━━ The records ━━
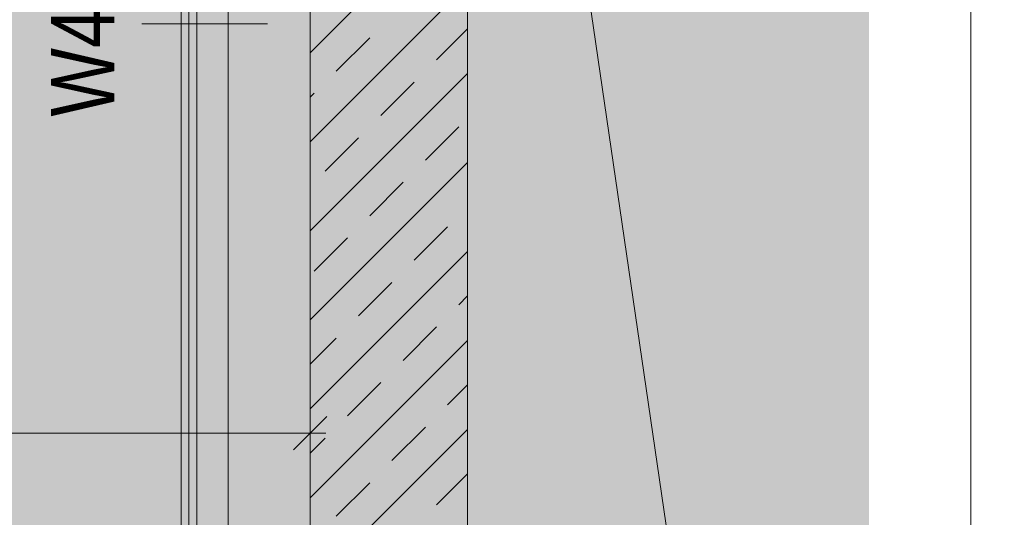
# Model space of a CAD drawing. Extents: x -620 to 300, y 62 to 1162.
# Tile 48 of 256: x -486 to -455, y 701 to 717. Entities that reach past the tile are written whole.
import ezdxf
from ezdxf.lldxf.tags import DXFTag

# ---------------------------------------------------------------- set-up
doc = ezdxf.new("R2010")
doc.units = 0
doc.layers.get('0').update_dxf_attribs({"lineweight": 13})
for name, color, linetype, lineweight, true_color in [('00 -Bauelemente -Dämmung innen', 7, 'Continuous', 9, 0xff7fe6), ('00 -Bauelemente -Gipskarton', 7, 'Continuous', 9, 0xff7fe6), ('30 -34 Innenwände- 1 tragend', 7, 'Continuous', 13, 0xdd0806), ('30 -34 Innenwände- 2 nichttragend', 7, 'Continuous', 18, 0xff7fe6), ('70 -72 Beschriftung- 1 Beschriftung allgemein', 7, 'Continuous', 9, 0xff6633), ('70 -76 Bemaßung- 2 Allgemein', 9, 'Continuous', 5, 0x808080), ('iwb_Layout BA_Markierung', 7, 'Continuous', 9, 0xbadcdc), ('iwb_Schraffur_BW', 7, 'Continuous', 13, 0x7400e8), ('iwb_Sichtbeton', 2, 'Continuous', 50, 0xffff00), ('iwb_Sichtbeton-Shading', 2, 'Continuous', 50, 0xffff00)]:
    doc.layers.add(name, color=color, linetype=linetype, lineweight=lineweight, true_color=true_color)
doc.layers.add('70 -71 Achsen- 1 Gebäudeachsen', color=7, linetype='STRICHPUNKT2-A06G94XR8I', lineweight=18)
doc.layers.add('70 -75 Raumstempel- 3 Wandstempel', color=7, linetype='Continuous', lineweight=50)
doc.styles.get("Standard").update_dxf_attribs({"font": 'ARIALN.TTF'})
tags = doc.linetypes.add('fein_strichliert-A06G94XS8I', pattern=[4, 1, -2, 1]).pattern_tags.tags
tags[8:9] = [DXFTag(74, 4), DXFTag(75, 0), DXFTag(340, '0'), DXFTag(46, 0.0), DXFTag(50, 0.0), DXFTag(44, 0.0), DXFTag(45, 0.0)]
tags[6:7] = [DXFTag(74, 4), DXFTag(75, 0), DXFTag(340, '0'), DXFTag(46, 0.0), DXFTag(50, 0.0), DXFTag(44, 0.0), DXFTag(45, 0.0)]
tags[4:5] = [DXFTag(74, 4), DXFTag(75, 0), DXFTag(340, '0'), DXFTag(46, 0.0), DXFTag(50, 0.0), DXFTag(44, 0.0), DXFTag(45, 0.0)]
tags = doc.linetypes.add('STRICHPUNKT2-A06G94XR8I', pattern=[12.7, 6.35, -3.175, 0, -3.175]).pattern_tags.tags
tags[10:11] = [DXFTag(74, 4), DXFTag(75, 0), DXFTag(340, '0'), DXFTag(46, 0.0), DXFTag(50, 0.0), DXFTag(44, 0.0), DXFTag(45, 0.0)]
tags[8:9] = [DXFTag(74, 4), DXFTag(75, 0), DXFTag(340, '0'), DXFTag(46, 0.0), DXFTag(50, 0.0), DXFTag(44, 0.0), DXFTag(45, 0.0)]
tags[6:7] = [DXFTag(74, 4), DXFTag(75, 0), DXFTag(340, '0'), DXFTag(46, 0.0), DXFTag(50, 0.0), DXFTag(44, 0.0), DXFTag(45, 0.0)]
tags[4:5] = [DXFTag(74, 4), DXFTag(75, 0), DXFTag(340, '0'), DXFTag(46, 0.0), DXFTag(50, 0.0), DXFTag(44, 0.0), DXFTag(45, 0.0)]

# ---------------------------------------------------------------- blocks, each defined once
blk = doc.blocks.new('Shading-A06G94VT8I', base_point=(-44.915, 989.453))
at = {"layer": 'iwb_Sichtbeton-Shading', "color": 51, "true_color": 0xffff7f}
blk.add_solid([(-476.961, 776.97), (-476.361, 776.97), (-476.961, 606.953), (-476.361, 606.953)], dxfattribs=at)
blk = doc.blocks.new('Polygon-A06G94XJ8I')
at = {"color": 0, "linetype": 'ByBlock', "lineweight": -2, "ltscale": 0.13}
blk.add_solid([(-458.92, 86.609), (-538.631, 86.396), (-458.753, 1083.814), (-538.631, 1083.814)], dxfattribs=at)
blk = doc.blocks.new('Referenz-A06G94XT8I')
at = {"layer": '00 -Bauelemente -Dämmung innen', "color": 0, "linetype": 'Continuous', "lineweight": -2, "ltscale": 0.13}
for p, q in [((-480.18, 775.653), (-480.18, 607.453)), ((-479.18, 775.153), (-479.18, 607.453))]:
    blk.add_line(p, q, dxfattribs=at)
at = {"layer": '00 -Bauelemente -Gipskarton', "color": 0, "linetype": 'Continuous', "lineweight": -2, "ltscale": 0.13}
for p, q in [((-480.43, 775.403), (-480.43, 607.453)), ((-480.18, 775.653), (-480.18, 607.453)), ((-480.68, 775.153), (-480.68, 607.453))]:
    blk.add_line(p, q, dxfattribs=at)
at = {"layer": '30 -34 Innenwände- 1 tragend', "color": 0, "linetype": 'Continuous', "lineweight": -2, "ltscale": 0.13}
for p, q in [((-476.58, 776.953), (-476.58, 606.953)), ((-471.58, 770.453), (-471.58, 613.453))]:
    blk.add_line(p, q, dxfattribs=at)
at = {"layer": '30 -34 Innenwände- 1 tragend', "color": 0, "lineweight": -2}
for p, q in [((-476.58, 776.953), (-476.58, 606.953)), ((-471.58, 770.453), (-471.58, 613.453)), ((-476.58, 715.88), (-471.58, 720.88)), ((-476.58, 715.88), (-471.58, 720.88)), ((-476.58, 713.052), (-471.58, 718.052)), ((-476.58, 713.052), (-471.58, 718.052)), ((-472.565, 715.652), (-471.58, 716.637)), ((-472.565, 715.652), (-471.58, 716.637)), ((-475.747, 715.298), (-474.686, 716.359)), ((-475.747, 715.298), (-474.686, 716.359)), ((-476.58, 710.223), (-471.58, 715.223)), ((-476.58, 710.223), (-471.58, 715.223)), ((-474.333, 713.884), (-473.272, 714.945)), ((-474.333, 713.884), (-473.272, 714.945)), ((-476.58, 714.466), (-476.454, 714.591)), ((-476.58, 714.466), (-476.454, 714.591)), ((-472.918, 712.47), (-471.858, 713.531)), ((-472.918, 712.47), (-471.858, 713.531)), ((-476.1, 712.117), (-475.04, 713.177)), ((-476.1, 712.117), (-475.04, 713.177)), ((-476.58, 707.395), (-471.58, 712.395)), ((-476.58, 707.395), (-471.58, 712.395)), ((-474.686, 710.702), (-473.626, 711.763)), ((-474.686, 710.702), (-473.626, 711.763)), ((-473.272, 709.288), (-472.211, 710.349)), ((-473.272, 709.288), (-472.211, 710.349)), ((-476.454, 708.935), (-475.393, 709.995)), ((-476.454, 708.935), (-475.393, 709.995)), ((-476.58, 704.566), (-471.58, 709.566)), ((-476.58, 704.566), (-471.58, 709.566)), ((-475.04, 707.52), (-473.979, 708.581)), ((-475.04, 707.52), (-473.979, 708.581)), ((-471.858, 707.874), (-471.58, 708.152)), ((-471.858, 707.874), (-471.58, 708.152)), ((-473.626, 706.106), (-472.565, 707.167)), ((-473.626, 706.106), (-472.565, 707.167)), ((-476.58, 705.98), (-475.747, 706.813)), ((-476.58, 705.98), (-475.747, 706.813)), ((-476.58, 701.738), (-471.58, 706.738)), ((-476.58, 701.738), (-471.58, 706.738)), ((-475.393, 704.338), (-474.333, 705.399)), ((-475.393, 704.338), (-474.333, 705.399)), ((-472.211, 704.692), (-471.58, 705.324)), ((-472.211, 704.692), (-471.58, 705.324)), ((-476.58, 698.909), (-471.58, 703.909)), ((-476.58, 698.909), (-471.58, 703.909)), ((-473.979, 702.924), (-472.918, 703.985)), ((-473.979, 702.924), (-472.918, 703.985)), ((-476.58, 703.152), (-476.1, 703.631)), ((-476.58, 703.152), (-476.1, 703.631)), ((-472.565, 701.51), (-471.58, 702.495)), ((-472.565, 701.51), (-471.58, 702.495)), ((-475.747, 701.156), (-474.686, 702.217)), ((-475.747, 701.156), (-474.686, 702.217))]:
    blk.add_line(p, q, dxfattribs=at)
at = {"layer": '30 -34 Innenwände- 2 nichttragend', "color": 0, "linetype": 'Continuous', "lineweight": -2, "ltscale": 0.13}
for p, q in [((-480.68, 775.153), (-480.68, 607.453)), ((-479.18, 775.153), (-479.18, 607.453))]:
    blk.add_line(p, q, dxfattribs=at)
at = {"layer": '70 -71 Achsen- 1 Gebäudeachsen', "color": 0, "linetype": 'STRICHPUNKT2-A06G94XR8I', "lineweight": -2, "ltscale": 0.13}
blk.add_line((-455.58, 1084.393), (-455.58, 84.953), dxfattribs=at)
at = {"layer": '70 -72 Beschriftung- 1 Beschriftung allgemein', "color": 0, "linetype": 'fein_strichliert-A06G94XS8I', "lineweight": -2, "ltscale": 0.13}
blk.add_line((-476.58, 778.453), (-451.58, 606.953), dxfattribs=at)
at = {"layer": '70 -75 Raumstempel- 3 Wandstempel', "color": 0, "linetype": 'Continuous', "lineweight": -2, "ltscale": 0.13}
blk.add_line((-481.93, 716.795), (-477.93, 716.795), dxfattribs=at)
at = {"layer": '70 -76 Bemaßung- 2 Allgemein', "color": 0, "linetype": 'Continuous', "lineweight": -2, "ltscale": 0.13}
for p, q in [((-476.049, 704.325), (-477.11, 703.264)), ((-477.64, 703.794), (-538.631, 703.794)), ((-476.08, 703.794), (-477.64, 703.794)), ((-476.58, 703.355), (-476.58, 702.794))]:
    blk.add_line(p, q, dxfattribs=at)
at = {"layer": '70 -75 Raumstempel- 3 Wandstempel', "color": 0, "linetype": 'Continuous', "lineweight": -2, "ltscale": 0.13, "insert": (-484.812, 713.853), "char_height": 2.01377, "attachment_point": 1, "rotation": 90}
blk.add_mtext('{\\fArial Narrow;W400}', dxfattribs=at)
blk = doc.blocks.new('Referenz-A06G94XV8I')
at = {"layer": 'iwb_Schraffur_BW', "linetype": 'Continuous', "ltscale": 0.13}
blk.add_hatch(color=256, dxfattribs=at).paths.add_polyline_path([(-476.579, 606.953), (-476.579, 776.953), (-453.079, 776.953), (-453.079, 770.453), (-471.579, 770.453), (-471.579, 613.453), (-453.079, 613.453), (-453.079, 598.513), (-458.079, 598.513), (-458.079, 606.953)])
at = {"layer": 'iwb_Sichtbeton', "linetype": 'Continuous', "ltscale": 0.5}
blk.add_solid([(-476.961, 776.97), (-476.361, 776.97), (-476.961, 606.953), (-476.361, 606.953)], dxfattribs=at)

msp = doc.modelspace()

# ---------------------------------------------------------------- block references
at = {"color": 8, "lineweight": 13, "ltscale": 0.13, "true_color": 0x808080}
msp.add_blockref('Referenz-A06G94XT8I', (0, 0), dxfattribs=at)
at = {"color": 8, "lineweight": 25, "ltscale": 0.25, "true_color": 0x808080}
msp.add_blockref('Referenz-A06G94XV8I', (0, 0), dxfattribs=at)
msp.add_blockref('Shading-A06G94VT8I', (-44.915, 989.453))
at = {"layer": 'iwb_Layout BA_Markierung', "ltscale": 0.13}
msp.add_blockref('Polygon-A06G94XJ8I', (0, 0), dxfattribs=at)

doc.saveas('drawing.dxf')
━━━
__What you will do__: In the entries above, find the line with "blk = doc.blocks.new('Referenz-A06G94XV8I')" and the line with "598.513), (-458.079, 606.953)])", then restate word for word both of them and every line between, with nothing more.

__Answer to the problem__:
blk = doc.blocks.new('Referenz-A06G94XV8I')
at = {"layer": 'iwb_Schraffur_BW', "linetype": 'Continuous', "ltscale": 0.13}
blk.add_hatch(color=256, dxfattribs=at).paths.add_polyline_path([(-476.579, 606.953), (-476.579, 776.953), (-453.079, 776.953), (-453.079, 770.453), (-471.579, 770.453), (-471.579, 613.453), (-453.079, 613.453), (-453.079, 598.513), (-458.079, 598.513), (-458.079, 606.953)])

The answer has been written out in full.